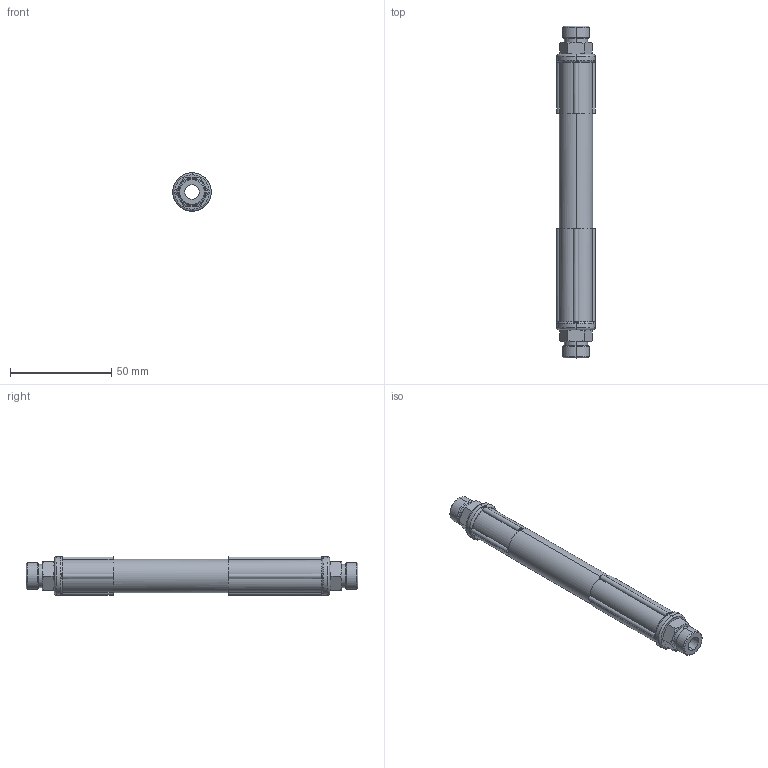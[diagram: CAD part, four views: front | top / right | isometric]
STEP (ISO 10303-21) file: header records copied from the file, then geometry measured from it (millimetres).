
FILE_DESCRIPTION (( 'STEP AP203' ), '1' );
FILE_NAME ('SILVENT_820_STEP.STEP', '2019-11-19T06:58:00', ( '' ), ( '' ), 'SwSTEP 2.0', 'SolidWorks 2016', '' );
FILE_SCHEMA (( 'CONFIG_CONTROL_DESIGN' ));
Length unit declared in the file: millimetre
Products named in the file (2): SILVENT_820_STEP
Bounding box: 19 x 164 x 19 mm (x, y, z)
Volume: 28004.2 mm3; surface area: 13263.6 mm2
Topology: 1 solids, 1 shells, 168 faces, 398 edges, 222 vertices
Faces by surface type: plane 56, cylinder 44, cone 32, bspline 20, torus 16
Entity records: 5873 total; most frequent: CARTESIAN_POINT 1972, DIRECTION 864, ORIENTED_EDGE 764, AXIS2_PLACEMENT_3D 400, EDGE_CURVE 382, CIRCLE 250, VERTEX_POINT 222, EDGE_LOOP 176
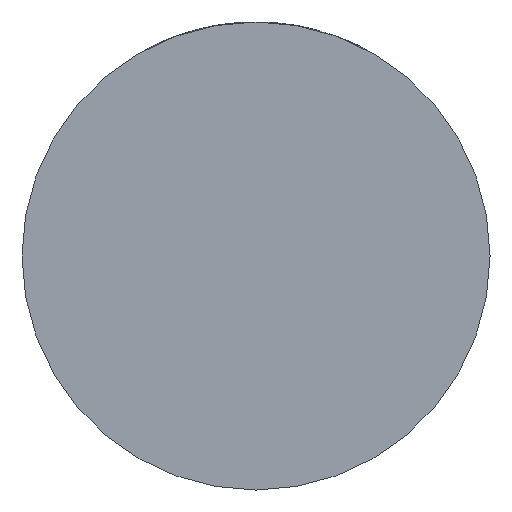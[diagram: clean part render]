
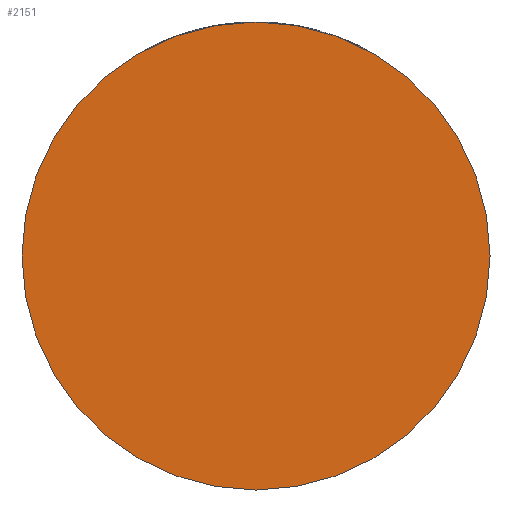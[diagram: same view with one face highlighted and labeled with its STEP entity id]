
A CAD part, front view. The second image highlights one B-rep face of the part: STEP entity #2151.
In plain terms, the highlighted planar face has unit normal (0, -1, 0).
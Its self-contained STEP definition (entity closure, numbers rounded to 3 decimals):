
#33 = ORIENTED_EDGE ( 'NONE', *, *, #3281, .T. ) ;
#138 = ORIENTED_EDGE ( 'NONE', *, *, #3905, .T. ) ;
#158 = VERTEX_POINT ( 'NONE', #4803 ) ;
#629 = DIRECTION ( 'NONE',  ( 1., 0., 0. ) ) ;
#955 = DIRECTION ( 'NONE',  ( 0., -1., 0. ) ) ;
#1170 = DIRECTION ( 'NONE',  ( 1., 0., 0. ) ) ;
#1487 = PLANE ( 'NONE',  #2596 ) ;
#1512 = FACE_OUTER_BOUND ( 'NONE', #1867, .T. ) ;
#1867 = EDGE_LOOP ( 'NONE', ( #33, #138 ) ) ;
#2151 = ADVANCED_FACE ( 'NONE', ( #1512 ), #1487, .T. ) ;
#2198 = CIRCLE ( 'NONE', #2273, 39. ) ;
#2273 = AXIS2_PLACEMENT_3D ( 'NONE', #3682, #955, #629 ) ;
#2337 = AXIS2_PLACEMENT_3D ( 'NONE', #3515, #3486, #1170 ) ;
#2346 = DIRECTION ( 'NONE',  ( 1., 0., 0. ) ) ;
#2596 = AXIS2_PLACEMENT_3D ( 'NONE', #2680, #4237, #2346 ) ;
#2680 = CARTESIAN_POINT ( 'NONE',  ( 0., -36., 0. ) ) ;
#2797 = VERTEX_POINT ( 'NONE', #3145 ) ;
#2834 = CIRCLE ( 'NONE', #2337, 39. ) ;
#3145 = CARTESIAN_POINT ( 'NONE',  ( -39., -36., 0. ) ) ;
#3281 = EDGE_CURVE ( 'NONE', #2797, #158, #2834, .T. ) ;
#3486 = DIRECTION ( 'NONE',  ( 0., -1., 0. ) ) ;
#3515 = CARTESIAN_POINT ( 'NONE',  ( 0., -36., 0. ) ) ;
#3682 = CARTESIAN_POINT ( 'NONE',  ( 0., -36., 0. ) ) ;
#3905 = EDGE_CURVE ( 'NONE', #158, #2797, #2198, .T. ) ;
#4237 = DIRECTION ( 'NONE',  ( 0., -1., 0. ) ) ;
#4803 = CARTESIAN_POINT ( 'NONE',  ( 39., -36., 0. ) ) ;
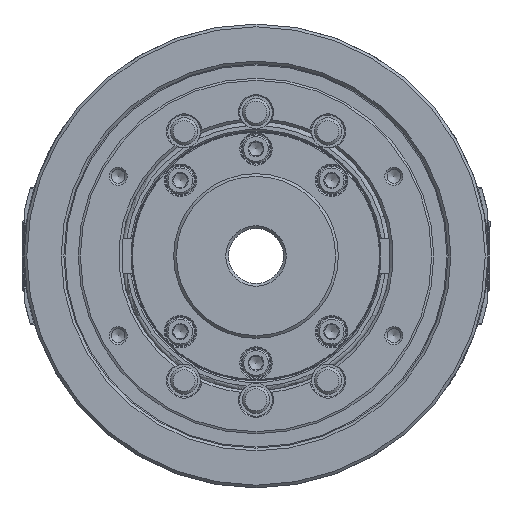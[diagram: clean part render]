
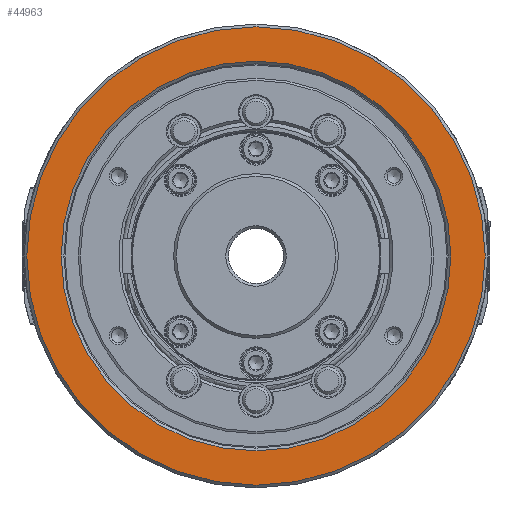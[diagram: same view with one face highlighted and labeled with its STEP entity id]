
A CAD part, left-side view. The second image highlights one B-rep face of the part: STEP entity #44963.
In plain terms, the highlighted planar face has unit normal (-1, 0, 0).
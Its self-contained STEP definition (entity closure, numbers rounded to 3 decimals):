
#100 = CARTESIAN_POINT ( 'NONE',  ( -81., 0., 0. ) ) ;
#1097 = CIRCLE ( 'NONE', #34031, 71. ) ;
#7038 = CARTESIAN_POINT ( 'NONE',  ( -81., 71., 0. ) ) ;
#7720 = EDGE_LOOP ( 'NONE', ( #34467 ) ) ;
#9928 = AXIS2_PLACEMENT_3D ( 'NONE', #100, #11578, #52692 ) ;
#11578 = DIRECTION ( 'NONE',  ( 1., 0., 0. ) ) ;
#12405 = PLANE ( 'NONE',  #66153 ) ;
#13689 = EDGE_LOOP ( 'NONE', ( #62733 ) ) ;
#21688 = VERTEX_POINT ( 'NONE', #38832 ) ;
#26897 = DIRECTION ( 'NONE',  ( 0., 0., 1. ) ) ;
#30696 = CIRCLE ( 'NONE', #9928, 83.5 ) ;
#34031 = AXIS2_PLACEMENT_3D ( 'NONE', #55796, #43286, #26897 ) ;
#34467 = ORIENTED_EDGE ( 'NONE', *, *, #40536, .F. ) ;
#35832 = CARTESIAN_POINT ( 'NONE',  ( -81., 0., 83.5 ) ) ;
#38832 = CARTESIAN_POINT ( 'NONE',  ( -81., 0., 71. ) ) ;
#40536 = EDGE_CURVE ( 'NONE', #70436, #70436, #30696, .T. ) ;
#41412 = FACE_BOUND ( 'NONE', #13689, .T. ) ;
#43286 = DIRECTION ( 'NONE',  ( 1., 0., 0. ) ) ;
#44963 = ADVANCED_FACE ( 'NONE', ( #64235, #41412 ), #12405, .F. ) ;
#52692 = DIRECTION ( 'NONE',  ( 0., 0., 1. ) ) ;
#55796 = CARTESIAN_POINT ( 'NONE',  ( -81., 0., 0. ) ) ;
#58506 = DIRECTION ( 'NONE',  ( 0., 0., 1. ) ) ;
#58793 = EDGE_CURVE ( 'NONE', #21688, #21688, #1097, .T. ) ;
#62733 = ORIENTED_EDGE ( 'NONE', *, *, #58793, .T. ) ;
#63865 = DIRECTION ( 'NONE',  ( 1., 0., 0. ) ) ;
#64235 = FACE_OUTER_BOUND ( 'NONE', #7720, .T. ) ;
#66153 = AXIS2_PLACEMENT_3D ( 'NONE', #7038, #63865, #58506 ) ;
#70436 = VERTEX_POINT ( 'NONE', #35832 ) ;

• _EXERCISE PROMPT_
Going by the data above, give back only the lines from the one containing "Topology: 1 solids, 1" through the one containing "#33 = ORIENTED_EDGE", exactly as they stand, both ends included and no images.

• _SOLUTION FOR THIS PROBLEM_
Topology: 1 solids, 1 shells, 168 faces, 398 edges, 222 vertices
Faces by surface type: plane 56, cylinder 44, cone 32, bspline 20, torus 16
Entity records: 5873 total; most frequent: CARTESIAN_POINT 1972, DIRECTION 864, ORIENTED_EDGE 764, AXIS2_PLACEMENT_3D 400, EDGE_CURVE 382, CIRCLE 250, VERTEX_POINT 222, EDGE_LOOP 176
[diagram: clean part render]
[diagram: same view with one face highlighted and labeled with its STEP entity id]
A CAD part, front view. The second image highlights one B-rep face of the part: STEP entity #2151.
In plain terms, the highlighted planar face has unit normal (0, -1, 0).
Its self-contained STEP definition (entity closure, numbers rounded to 3 decimals):
#33 = ORIENTED_EDGE ( 'NONE', *, *, #3281, .T. ) ;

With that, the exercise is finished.